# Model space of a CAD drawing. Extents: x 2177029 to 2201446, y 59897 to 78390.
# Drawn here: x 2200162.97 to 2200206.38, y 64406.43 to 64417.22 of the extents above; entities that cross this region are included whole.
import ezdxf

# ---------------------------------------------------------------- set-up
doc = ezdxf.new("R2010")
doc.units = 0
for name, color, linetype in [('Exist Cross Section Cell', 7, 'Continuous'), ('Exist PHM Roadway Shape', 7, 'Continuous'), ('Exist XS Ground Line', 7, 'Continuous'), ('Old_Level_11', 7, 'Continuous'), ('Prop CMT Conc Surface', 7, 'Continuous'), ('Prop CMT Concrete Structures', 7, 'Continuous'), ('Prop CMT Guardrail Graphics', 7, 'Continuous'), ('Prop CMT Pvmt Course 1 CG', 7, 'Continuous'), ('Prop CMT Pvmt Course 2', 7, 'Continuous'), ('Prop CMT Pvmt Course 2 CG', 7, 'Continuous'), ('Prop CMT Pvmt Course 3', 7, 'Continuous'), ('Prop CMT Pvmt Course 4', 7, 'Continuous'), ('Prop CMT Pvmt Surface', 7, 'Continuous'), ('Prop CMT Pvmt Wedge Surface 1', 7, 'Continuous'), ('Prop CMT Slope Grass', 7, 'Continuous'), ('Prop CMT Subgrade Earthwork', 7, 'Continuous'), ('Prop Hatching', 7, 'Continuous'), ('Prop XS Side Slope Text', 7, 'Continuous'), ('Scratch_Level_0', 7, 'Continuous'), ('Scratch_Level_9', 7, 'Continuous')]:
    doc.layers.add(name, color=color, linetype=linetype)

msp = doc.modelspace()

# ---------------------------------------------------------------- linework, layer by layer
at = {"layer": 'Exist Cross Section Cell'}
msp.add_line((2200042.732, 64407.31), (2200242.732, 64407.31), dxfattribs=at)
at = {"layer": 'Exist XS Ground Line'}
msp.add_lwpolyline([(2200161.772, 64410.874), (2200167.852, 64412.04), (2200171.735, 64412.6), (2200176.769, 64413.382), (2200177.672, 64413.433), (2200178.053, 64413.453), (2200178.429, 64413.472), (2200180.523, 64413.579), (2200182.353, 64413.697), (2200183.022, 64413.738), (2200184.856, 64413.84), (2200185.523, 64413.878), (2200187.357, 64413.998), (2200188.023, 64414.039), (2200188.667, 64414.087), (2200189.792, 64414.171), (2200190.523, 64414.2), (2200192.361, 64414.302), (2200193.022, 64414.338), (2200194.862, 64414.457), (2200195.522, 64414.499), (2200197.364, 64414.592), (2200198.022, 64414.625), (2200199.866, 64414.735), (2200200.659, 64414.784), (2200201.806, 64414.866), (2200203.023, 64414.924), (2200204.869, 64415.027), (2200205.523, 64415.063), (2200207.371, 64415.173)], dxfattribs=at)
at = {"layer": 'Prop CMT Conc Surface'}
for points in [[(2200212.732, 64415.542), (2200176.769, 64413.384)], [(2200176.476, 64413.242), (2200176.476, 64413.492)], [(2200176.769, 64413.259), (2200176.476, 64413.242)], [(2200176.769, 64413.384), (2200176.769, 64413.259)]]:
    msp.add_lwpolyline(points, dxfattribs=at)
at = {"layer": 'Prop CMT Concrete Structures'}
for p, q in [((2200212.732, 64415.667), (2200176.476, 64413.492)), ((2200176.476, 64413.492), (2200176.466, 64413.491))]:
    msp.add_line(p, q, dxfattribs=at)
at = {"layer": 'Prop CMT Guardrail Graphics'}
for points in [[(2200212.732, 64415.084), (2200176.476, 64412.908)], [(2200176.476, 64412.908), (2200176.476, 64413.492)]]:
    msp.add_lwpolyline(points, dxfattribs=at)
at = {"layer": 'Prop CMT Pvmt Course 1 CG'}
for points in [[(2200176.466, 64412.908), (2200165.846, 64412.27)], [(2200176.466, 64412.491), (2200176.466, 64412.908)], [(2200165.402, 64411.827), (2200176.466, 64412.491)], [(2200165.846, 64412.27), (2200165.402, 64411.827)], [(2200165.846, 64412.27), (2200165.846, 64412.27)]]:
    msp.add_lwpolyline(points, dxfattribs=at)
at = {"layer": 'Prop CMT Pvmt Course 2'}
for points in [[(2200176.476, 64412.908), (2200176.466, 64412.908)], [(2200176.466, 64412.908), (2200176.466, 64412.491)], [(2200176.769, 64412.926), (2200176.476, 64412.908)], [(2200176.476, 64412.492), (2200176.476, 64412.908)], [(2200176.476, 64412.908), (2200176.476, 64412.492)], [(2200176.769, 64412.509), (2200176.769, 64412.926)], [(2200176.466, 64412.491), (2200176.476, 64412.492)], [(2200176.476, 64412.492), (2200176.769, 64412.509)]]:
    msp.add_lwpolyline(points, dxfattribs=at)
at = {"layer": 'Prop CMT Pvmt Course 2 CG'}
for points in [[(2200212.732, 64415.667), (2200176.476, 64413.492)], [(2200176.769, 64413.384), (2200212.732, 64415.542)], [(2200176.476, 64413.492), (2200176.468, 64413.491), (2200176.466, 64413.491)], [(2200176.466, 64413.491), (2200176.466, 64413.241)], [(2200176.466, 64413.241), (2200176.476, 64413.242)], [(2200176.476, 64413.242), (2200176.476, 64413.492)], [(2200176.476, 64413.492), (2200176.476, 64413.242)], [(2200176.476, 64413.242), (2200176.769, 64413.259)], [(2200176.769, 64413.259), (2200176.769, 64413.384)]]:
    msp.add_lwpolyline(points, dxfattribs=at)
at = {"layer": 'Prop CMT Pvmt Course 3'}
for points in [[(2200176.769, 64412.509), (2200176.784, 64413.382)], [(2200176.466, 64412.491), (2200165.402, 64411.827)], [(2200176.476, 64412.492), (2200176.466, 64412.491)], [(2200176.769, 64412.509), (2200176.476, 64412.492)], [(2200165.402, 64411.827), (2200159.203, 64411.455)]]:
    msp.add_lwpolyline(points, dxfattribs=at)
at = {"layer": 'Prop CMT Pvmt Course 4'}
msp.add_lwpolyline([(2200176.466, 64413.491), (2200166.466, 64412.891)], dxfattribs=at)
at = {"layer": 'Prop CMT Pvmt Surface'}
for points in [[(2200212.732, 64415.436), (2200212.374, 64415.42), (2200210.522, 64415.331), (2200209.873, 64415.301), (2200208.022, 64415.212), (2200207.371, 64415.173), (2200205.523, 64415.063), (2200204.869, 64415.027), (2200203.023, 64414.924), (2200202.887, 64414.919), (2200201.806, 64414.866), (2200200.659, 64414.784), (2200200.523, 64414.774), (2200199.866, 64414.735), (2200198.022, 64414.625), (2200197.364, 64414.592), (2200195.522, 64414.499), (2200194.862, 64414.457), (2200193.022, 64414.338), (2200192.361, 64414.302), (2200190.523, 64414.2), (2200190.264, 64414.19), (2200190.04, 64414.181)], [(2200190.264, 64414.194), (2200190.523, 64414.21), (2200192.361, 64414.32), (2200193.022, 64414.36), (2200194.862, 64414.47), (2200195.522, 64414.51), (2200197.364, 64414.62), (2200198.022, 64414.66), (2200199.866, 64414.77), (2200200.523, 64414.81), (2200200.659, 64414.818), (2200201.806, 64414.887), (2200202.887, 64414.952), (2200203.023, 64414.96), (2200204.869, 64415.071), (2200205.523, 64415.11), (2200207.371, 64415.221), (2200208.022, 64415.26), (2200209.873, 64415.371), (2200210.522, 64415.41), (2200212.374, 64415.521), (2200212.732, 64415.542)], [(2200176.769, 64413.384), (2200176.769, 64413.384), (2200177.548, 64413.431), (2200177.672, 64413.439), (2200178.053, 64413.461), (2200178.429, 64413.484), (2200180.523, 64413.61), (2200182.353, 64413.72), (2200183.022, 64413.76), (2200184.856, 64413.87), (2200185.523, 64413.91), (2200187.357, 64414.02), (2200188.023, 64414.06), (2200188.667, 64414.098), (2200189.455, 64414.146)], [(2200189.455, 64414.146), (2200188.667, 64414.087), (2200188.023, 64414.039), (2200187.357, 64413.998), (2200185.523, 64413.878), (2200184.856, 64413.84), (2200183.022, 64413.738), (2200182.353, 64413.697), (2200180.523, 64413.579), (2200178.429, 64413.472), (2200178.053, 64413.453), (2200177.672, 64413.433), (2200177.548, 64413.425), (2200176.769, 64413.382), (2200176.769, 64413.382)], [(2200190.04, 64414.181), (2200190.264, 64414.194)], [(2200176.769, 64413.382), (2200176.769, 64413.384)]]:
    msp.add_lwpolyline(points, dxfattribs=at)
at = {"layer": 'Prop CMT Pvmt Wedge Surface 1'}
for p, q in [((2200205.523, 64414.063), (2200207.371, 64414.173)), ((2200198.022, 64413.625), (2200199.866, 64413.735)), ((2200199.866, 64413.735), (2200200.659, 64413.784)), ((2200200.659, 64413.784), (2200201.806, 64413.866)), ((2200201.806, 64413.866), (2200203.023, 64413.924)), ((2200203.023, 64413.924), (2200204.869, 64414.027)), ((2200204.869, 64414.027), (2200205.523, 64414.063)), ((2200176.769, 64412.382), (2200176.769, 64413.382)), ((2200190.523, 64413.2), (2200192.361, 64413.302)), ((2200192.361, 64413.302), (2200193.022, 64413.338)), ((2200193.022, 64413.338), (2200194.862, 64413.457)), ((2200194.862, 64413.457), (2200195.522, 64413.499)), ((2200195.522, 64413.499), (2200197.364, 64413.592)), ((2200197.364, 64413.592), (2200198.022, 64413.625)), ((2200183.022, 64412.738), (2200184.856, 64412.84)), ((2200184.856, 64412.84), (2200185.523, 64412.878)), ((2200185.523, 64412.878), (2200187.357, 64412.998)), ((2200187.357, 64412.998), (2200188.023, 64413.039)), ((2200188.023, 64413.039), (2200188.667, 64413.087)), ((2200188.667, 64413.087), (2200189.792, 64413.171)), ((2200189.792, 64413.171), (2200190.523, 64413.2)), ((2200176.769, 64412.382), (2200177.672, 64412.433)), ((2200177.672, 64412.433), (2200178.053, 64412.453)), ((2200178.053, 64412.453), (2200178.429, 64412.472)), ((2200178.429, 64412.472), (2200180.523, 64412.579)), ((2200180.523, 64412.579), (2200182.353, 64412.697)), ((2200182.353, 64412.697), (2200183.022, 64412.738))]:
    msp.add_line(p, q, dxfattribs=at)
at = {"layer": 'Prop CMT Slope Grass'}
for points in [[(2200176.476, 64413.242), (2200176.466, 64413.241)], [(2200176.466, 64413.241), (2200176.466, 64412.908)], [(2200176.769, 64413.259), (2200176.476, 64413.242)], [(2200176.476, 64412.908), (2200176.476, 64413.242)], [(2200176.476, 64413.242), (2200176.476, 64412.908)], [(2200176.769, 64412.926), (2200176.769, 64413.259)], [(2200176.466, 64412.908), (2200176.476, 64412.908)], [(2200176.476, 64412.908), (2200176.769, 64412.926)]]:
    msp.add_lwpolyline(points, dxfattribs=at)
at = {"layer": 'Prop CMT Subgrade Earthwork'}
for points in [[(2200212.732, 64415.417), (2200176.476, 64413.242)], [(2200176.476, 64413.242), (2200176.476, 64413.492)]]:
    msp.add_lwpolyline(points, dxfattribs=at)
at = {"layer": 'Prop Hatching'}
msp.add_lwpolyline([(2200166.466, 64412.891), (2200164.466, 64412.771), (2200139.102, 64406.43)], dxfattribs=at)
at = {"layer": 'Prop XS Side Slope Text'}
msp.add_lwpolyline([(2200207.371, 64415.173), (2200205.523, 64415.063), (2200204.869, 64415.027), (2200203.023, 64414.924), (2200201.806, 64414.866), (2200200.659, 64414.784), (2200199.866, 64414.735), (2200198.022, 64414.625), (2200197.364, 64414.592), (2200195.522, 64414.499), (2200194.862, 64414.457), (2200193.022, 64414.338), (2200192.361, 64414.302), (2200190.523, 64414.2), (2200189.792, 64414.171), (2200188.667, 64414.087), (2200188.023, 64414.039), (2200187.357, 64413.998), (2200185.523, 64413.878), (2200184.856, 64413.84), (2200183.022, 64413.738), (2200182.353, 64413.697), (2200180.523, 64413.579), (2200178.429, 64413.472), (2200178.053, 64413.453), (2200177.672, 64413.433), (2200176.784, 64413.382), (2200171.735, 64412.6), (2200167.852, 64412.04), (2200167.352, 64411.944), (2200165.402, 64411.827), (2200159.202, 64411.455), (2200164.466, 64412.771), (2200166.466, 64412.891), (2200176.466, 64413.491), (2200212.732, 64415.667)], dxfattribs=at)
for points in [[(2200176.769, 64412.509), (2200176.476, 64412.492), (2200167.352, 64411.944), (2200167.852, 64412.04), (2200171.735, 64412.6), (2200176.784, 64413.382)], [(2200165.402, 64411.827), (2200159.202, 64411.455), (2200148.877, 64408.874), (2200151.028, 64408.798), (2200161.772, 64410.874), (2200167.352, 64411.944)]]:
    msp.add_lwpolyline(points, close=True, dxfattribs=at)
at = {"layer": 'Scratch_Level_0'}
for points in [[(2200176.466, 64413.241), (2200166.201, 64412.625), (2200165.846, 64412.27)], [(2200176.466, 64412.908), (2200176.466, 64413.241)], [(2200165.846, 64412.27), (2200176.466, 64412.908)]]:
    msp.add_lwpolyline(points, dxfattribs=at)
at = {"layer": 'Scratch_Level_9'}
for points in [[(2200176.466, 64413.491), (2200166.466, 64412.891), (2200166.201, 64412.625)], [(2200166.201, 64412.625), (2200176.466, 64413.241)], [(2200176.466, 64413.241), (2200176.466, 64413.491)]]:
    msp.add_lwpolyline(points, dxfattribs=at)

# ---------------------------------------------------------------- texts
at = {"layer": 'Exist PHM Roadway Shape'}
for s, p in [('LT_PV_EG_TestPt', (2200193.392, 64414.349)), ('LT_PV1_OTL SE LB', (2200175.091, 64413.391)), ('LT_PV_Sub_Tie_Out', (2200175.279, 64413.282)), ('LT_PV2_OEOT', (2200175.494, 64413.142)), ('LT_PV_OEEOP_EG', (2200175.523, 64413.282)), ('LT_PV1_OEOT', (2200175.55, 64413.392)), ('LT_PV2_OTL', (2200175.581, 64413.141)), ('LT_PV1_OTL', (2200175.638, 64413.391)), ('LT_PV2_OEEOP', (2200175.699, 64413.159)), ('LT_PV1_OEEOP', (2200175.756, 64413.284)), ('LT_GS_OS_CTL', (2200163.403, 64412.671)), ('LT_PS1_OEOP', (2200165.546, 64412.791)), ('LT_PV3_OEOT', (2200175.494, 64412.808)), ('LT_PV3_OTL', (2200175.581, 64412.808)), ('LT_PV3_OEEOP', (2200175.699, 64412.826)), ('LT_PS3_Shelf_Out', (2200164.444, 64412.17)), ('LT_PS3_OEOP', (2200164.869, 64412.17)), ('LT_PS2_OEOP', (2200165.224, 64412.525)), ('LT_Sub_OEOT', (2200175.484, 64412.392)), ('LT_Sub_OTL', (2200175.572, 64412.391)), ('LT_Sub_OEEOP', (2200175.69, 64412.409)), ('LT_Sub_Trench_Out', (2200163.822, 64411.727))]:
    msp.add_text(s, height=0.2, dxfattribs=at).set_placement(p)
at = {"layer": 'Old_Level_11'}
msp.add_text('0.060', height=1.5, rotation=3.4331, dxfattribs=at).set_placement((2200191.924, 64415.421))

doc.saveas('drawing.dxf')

━━━━━━━━

→ About this exercise: The answer must consist of each line in the entries above that includes "height".

→ Task output:
    msp.add_text(s, height=0.2, dxfattribs=at).set_placement(p)
msp.add_text('0.060', height=1.5, rotation=3.4331, dxfattribs=at).set_placement((2200191.924, 64415.421))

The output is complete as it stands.